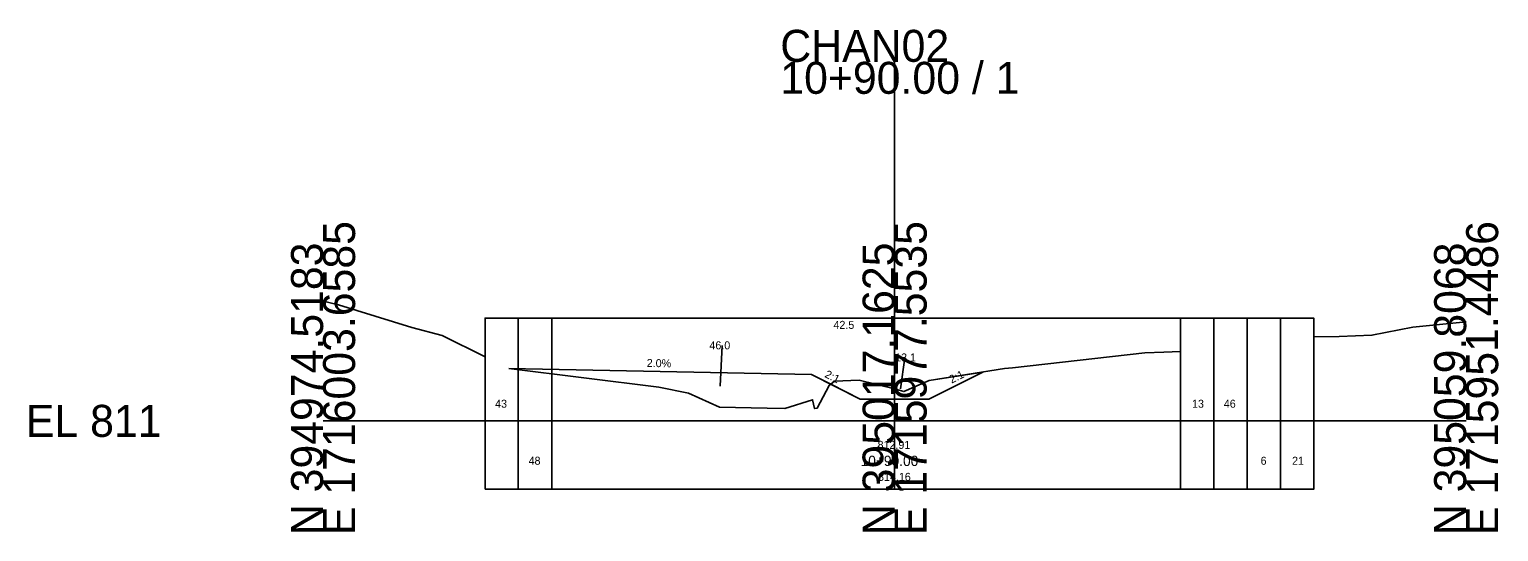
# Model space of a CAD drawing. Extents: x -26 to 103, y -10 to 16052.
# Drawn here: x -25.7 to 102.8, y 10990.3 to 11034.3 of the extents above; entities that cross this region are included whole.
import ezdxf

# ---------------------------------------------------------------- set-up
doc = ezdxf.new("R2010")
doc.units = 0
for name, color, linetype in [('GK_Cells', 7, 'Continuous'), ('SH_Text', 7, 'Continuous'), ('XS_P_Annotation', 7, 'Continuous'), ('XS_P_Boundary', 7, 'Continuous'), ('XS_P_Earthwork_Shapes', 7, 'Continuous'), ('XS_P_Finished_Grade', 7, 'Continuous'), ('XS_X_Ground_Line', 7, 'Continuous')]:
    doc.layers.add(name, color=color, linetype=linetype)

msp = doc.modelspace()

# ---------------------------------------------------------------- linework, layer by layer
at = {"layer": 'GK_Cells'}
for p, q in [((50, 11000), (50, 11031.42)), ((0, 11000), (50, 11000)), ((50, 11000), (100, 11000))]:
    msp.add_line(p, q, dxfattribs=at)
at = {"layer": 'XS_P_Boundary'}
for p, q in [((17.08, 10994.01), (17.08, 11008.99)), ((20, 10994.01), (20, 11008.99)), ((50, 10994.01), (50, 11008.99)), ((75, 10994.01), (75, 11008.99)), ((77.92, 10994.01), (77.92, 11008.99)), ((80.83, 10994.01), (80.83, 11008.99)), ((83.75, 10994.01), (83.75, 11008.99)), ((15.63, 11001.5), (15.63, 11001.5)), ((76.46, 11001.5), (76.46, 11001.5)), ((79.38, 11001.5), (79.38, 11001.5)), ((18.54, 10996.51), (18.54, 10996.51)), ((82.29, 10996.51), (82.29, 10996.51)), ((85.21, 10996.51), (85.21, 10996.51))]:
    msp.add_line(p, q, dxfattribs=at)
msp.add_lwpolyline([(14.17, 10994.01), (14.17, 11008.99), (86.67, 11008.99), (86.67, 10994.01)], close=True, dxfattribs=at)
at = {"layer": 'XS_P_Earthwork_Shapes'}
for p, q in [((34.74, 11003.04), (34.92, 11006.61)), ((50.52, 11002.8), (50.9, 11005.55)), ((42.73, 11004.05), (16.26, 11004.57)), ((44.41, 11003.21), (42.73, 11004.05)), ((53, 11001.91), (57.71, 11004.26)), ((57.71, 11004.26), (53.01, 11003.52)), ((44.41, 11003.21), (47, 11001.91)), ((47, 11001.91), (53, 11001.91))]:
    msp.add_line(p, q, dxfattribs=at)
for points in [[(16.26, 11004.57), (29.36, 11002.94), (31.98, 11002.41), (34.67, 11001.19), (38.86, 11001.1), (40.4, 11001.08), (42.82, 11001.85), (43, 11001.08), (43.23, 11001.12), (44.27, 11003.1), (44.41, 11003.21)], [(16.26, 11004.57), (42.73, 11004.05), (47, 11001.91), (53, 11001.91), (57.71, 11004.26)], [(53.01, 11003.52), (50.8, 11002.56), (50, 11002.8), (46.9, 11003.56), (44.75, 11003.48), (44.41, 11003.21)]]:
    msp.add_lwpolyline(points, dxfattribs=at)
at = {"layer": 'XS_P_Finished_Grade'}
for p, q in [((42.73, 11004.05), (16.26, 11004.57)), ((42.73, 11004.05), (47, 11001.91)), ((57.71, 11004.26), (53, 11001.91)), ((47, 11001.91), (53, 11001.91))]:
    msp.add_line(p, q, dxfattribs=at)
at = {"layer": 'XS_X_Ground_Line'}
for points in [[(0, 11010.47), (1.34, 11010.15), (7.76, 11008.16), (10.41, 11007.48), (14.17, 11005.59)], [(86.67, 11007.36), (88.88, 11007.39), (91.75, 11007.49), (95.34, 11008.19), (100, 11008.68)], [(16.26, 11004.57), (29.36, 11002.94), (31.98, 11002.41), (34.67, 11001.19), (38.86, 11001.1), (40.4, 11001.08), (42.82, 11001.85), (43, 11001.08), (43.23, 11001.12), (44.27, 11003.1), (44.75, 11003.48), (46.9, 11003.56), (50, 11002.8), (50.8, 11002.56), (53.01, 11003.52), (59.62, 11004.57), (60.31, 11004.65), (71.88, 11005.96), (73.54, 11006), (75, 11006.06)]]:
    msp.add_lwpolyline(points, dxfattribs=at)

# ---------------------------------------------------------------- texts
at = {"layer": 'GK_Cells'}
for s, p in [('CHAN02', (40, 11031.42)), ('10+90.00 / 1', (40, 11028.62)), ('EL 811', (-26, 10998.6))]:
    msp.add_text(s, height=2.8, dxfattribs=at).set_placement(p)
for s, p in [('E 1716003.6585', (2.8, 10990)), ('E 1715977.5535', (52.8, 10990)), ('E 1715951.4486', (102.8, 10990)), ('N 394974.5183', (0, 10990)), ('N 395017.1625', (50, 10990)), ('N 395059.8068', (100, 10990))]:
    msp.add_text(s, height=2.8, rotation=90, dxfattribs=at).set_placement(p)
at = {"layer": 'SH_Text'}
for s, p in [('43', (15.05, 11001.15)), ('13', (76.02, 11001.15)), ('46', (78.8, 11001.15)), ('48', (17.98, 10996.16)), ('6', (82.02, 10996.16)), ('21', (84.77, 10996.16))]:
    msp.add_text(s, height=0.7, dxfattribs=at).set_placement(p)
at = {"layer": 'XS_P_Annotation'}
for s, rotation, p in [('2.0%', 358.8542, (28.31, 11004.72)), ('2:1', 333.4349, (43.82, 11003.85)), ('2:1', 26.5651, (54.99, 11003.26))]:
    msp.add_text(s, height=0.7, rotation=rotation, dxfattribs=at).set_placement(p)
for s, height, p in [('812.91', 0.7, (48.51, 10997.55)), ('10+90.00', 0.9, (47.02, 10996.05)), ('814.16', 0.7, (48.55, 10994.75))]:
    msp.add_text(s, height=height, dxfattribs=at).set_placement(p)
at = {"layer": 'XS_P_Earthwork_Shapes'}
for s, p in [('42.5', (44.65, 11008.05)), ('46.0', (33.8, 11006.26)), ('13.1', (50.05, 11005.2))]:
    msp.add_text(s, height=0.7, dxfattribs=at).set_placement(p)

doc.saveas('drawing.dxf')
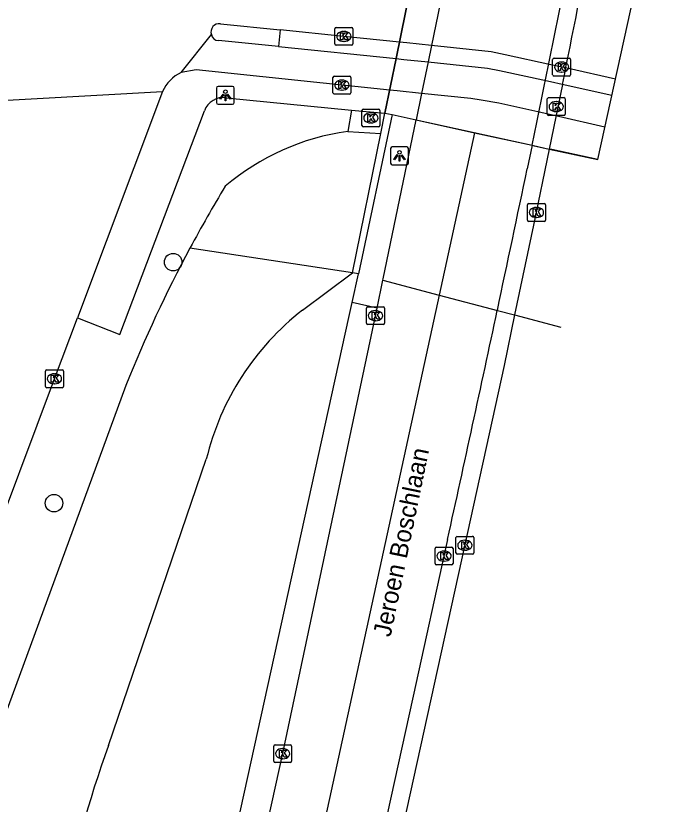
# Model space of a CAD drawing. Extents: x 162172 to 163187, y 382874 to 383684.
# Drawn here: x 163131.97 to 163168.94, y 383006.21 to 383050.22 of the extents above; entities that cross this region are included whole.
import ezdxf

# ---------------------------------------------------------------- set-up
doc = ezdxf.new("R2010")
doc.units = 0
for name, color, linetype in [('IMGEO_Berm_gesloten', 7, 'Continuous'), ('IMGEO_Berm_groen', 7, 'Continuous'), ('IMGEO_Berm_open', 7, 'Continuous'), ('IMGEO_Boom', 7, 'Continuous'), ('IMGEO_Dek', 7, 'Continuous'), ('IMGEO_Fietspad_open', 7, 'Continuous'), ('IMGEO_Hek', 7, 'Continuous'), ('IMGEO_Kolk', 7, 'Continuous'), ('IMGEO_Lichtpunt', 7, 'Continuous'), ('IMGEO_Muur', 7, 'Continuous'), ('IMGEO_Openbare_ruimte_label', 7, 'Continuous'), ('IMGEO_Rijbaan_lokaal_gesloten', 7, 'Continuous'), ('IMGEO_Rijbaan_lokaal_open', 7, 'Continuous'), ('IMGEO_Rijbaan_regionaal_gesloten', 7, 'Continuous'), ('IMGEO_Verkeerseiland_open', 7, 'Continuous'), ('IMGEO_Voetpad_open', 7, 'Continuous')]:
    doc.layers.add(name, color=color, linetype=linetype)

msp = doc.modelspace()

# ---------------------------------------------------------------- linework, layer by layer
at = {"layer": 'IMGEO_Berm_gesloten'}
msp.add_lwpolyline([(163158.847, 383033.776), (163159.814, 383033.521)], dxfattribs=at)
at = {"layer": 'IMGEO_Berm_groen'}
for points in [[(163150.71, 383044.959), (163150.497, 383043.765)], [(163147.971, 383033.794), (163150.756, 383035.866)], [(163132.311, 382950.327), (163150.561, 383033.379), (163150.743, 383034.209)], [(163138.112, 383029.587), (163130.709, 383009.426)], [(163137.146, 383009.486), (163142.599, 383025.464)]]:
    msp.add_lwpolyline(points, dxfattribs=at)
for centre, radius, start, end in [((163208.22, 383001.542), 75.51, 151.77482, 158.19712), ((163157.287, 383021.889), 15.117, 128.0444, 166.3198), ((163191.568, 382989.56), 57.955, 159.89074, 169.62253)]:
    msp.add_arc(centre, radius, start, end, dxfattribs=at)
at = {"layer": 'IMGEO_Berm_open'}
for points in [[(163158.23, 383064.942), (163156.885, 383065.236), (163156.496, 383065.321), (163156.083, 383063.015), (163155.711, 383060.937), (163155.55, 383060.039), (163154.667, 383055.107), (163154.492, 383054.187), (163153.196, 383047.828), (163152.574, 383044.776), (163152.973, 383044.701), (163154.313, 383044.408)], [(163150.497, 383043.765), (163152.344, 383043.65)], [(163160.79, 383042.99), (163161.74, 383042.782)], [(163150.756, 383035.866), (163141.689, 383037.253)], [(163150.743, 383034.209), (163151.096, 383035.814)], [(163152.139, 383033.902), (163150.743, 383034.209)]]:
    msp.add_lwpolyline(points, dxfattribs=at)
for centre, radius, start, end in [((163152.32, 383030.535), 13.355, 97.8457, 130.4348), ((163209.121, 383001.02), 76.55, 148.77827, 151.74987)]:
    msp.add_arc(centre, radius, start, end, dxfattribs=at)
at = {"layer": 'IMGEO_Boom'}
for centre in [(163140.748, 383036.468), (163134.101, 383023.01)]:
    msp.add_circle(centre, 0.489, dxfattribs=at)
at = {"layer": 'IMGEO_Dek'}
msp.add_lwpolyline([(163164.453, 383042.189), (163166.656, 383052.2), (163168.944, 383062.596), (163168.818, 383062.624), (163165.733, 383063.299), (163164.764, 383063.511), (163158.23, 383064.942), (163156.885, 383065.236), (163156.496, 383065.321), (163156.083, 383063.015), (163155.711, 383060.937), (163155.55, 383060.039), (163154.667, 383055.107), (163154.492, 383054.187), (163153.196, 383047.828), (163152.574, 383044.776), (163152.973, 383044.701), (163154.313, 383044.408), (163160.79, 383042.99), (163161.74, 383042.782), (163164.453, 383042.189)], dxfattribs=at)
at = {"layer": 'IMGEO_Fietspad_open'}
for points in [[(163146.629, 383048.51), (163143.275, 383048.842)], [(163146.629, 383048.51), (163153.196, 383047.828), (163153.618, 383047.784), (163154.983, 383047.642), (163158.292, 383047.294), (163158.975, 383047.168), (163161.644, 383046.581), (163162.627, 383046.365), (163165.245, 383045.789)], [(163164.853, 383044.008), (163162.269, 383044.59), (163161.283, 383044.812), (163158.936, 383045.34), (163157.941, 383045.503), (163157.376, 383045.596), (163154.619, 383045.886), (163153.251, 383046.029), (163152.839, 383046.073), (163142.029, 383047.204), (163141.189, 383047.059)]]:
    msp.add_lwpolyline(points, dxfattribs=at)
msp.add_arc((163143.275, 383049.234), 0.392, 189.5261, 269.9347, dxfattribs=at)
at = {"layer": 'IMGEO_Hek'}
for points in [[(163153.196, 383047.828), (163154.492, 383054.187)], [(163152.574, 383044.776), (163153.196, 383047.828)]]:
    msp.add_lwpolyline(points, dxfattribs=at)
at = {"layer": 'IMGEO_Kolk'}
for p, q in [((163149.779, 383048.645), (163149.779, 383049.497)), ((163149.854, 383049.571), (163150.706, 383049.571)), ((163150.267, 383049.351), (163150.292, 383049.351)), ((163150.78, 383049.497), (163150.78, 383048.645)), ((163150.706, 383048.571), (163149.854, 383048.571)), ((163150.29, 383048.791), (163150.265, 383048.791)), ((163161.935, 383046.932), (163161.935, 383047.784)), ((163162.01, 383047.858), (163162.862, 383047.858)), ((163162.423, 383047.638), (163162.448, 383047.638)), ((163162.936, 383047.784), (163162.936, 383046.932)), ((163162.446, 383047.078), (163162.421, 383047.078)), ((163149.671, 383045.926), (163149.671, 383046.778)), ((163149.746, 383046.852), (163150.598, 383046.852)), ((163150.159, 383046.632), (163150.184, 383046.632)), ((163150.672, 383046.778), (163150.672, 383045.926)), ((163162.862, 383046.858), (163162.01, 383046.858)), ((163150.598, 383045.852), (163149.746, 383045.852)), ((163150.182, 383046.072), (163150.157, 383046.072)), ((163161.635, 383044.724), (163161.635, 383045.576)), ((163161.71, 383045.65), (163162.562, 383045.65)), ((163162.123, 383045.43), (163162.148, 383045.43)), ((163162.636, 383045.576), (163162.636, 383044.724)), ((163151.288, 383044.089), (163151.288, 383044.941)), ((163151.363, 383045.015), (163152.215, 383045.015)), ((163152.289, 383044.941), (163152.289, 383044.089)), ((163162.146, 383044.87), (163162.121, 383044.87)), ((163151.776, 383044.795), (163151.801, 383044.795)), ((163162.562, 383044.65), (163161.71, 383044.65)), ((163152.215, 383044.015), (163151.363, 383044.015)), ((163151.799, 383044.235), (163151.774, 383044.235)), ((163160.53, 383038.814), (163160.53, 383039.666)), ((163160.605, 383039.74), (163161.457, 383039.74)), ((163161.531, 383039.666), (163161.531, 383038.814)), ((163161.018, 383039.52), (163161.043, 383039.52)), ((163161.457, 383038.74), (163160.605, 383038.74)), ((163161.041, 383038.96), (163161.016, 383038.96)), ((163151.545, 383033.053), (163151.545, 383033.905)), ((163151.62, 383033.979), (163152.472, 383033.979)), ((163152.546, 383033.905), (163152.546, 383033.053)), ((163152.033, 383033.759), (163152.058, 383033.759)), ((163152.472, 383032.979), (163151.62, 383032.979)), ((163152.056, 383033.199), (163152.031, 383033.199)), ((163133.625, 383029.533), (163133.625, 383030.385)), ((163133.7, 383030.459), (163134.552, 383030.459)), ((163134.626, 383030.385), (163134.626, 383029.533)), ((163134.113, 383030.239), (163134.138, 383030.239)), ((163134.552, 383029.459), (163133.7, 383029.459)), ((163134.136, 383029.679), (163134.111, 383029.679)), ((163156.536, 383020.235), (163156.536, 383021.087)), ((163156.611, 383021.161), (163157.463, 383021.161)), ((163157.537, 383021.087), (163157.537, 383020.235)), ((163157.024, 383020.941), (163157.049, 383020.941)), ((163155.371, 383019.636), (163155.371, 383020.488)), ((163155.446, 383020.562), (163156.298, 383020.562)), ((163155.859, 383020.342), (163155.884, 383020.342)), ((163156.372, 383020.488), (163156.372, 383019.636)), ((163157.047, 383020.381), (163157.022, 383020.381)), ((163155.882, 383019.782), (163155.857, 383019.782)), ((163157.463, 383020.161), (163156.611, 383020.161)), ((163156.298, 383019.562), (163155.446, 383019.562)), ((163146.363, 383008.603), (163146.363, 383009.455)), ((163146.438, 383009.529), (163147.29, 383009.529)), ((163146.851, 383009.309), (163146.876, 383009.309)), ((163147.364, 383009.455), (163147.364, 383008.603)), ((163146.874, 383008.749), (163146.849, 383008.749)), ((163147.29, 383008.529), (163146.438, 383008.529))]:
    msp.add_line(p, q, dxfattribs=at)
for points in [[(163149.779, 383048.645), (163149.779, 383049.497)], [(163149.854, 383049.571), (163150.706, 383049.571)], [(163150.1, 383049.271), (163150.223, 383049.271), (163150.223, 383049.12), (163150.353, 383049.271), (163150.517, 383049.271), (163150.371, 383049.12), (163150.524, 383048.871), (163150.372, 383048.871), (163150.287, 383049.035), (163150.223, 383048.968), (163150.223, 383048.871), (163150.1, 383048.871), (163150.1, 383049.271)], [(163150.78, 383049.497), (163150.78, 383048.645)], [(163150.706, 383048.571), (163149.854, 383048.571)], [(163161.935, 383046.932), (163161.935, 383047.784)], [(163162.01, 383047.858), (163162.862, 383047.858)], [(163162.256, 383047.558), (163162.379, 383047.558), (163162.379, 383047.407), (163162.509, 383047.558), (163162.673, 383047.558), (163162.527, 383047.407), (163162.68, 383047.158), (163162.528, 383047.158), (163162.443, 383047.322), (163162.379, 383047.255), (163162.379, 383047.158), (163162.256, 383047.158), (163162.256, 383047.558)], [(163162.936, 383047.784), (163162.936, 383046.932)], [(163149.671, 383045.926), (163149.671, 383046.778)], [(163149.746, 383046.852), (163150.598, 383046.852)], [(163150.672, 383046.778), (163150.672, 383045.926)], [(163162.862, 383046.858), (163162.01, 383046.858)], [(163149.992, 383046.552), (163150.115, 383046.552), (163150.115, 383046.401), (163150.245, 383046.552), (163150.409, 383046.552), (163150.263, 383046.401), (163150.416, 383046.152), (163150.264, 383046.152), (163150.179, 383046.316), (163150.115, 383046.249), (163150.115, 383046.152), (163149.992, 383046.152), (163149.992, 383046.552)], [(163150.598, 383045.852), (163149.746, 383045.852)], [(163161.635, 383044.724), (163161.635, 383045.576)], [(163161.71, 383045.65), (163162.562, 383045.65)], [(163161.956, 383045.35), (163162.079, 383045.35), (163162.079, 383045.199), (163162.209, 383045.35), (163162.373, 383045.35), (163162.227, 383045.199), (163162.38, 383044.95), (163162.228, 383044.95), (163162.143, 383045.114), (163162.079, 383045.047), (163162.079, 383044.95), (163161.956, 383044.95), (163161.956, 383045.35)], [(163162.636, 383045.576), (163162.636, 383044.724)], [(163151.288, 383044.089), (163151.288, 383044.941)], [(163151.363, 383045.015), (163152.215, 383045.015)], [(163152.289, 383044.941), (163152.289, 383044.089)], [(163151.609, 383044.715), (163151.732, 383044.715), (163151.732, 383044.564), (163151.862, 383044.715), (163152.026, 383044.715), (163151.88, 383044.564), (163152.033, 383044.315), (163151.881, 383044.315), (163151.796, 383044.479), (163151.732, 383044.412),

• **TASK BRIEF**:
Take each line of the material above that holds the string "radius" and copy it.

• **TASK SOLUTION**:
for centre, radius, start, end in [((163208.22, 383001.542), 75.51, 151.77482, 158.19712), ((163157.287, 383021.889), 15.117, 128.0444, 166.3198), ((163191.568, 382989.56), 57.955, 159.89074, 169.62253)]:
    msp.add_arc(centre, radius, start, end, dxfattribs=at)
for centre, radius, start, end in [((163152.32, 383030.535), 13.355, 97.8457, 130.4348), ((163209.121, 383001.02), 76.55, 148.77827, 151.74987)]:
    msp.add_arc(centre, radius, start, end, dxfattribs=at)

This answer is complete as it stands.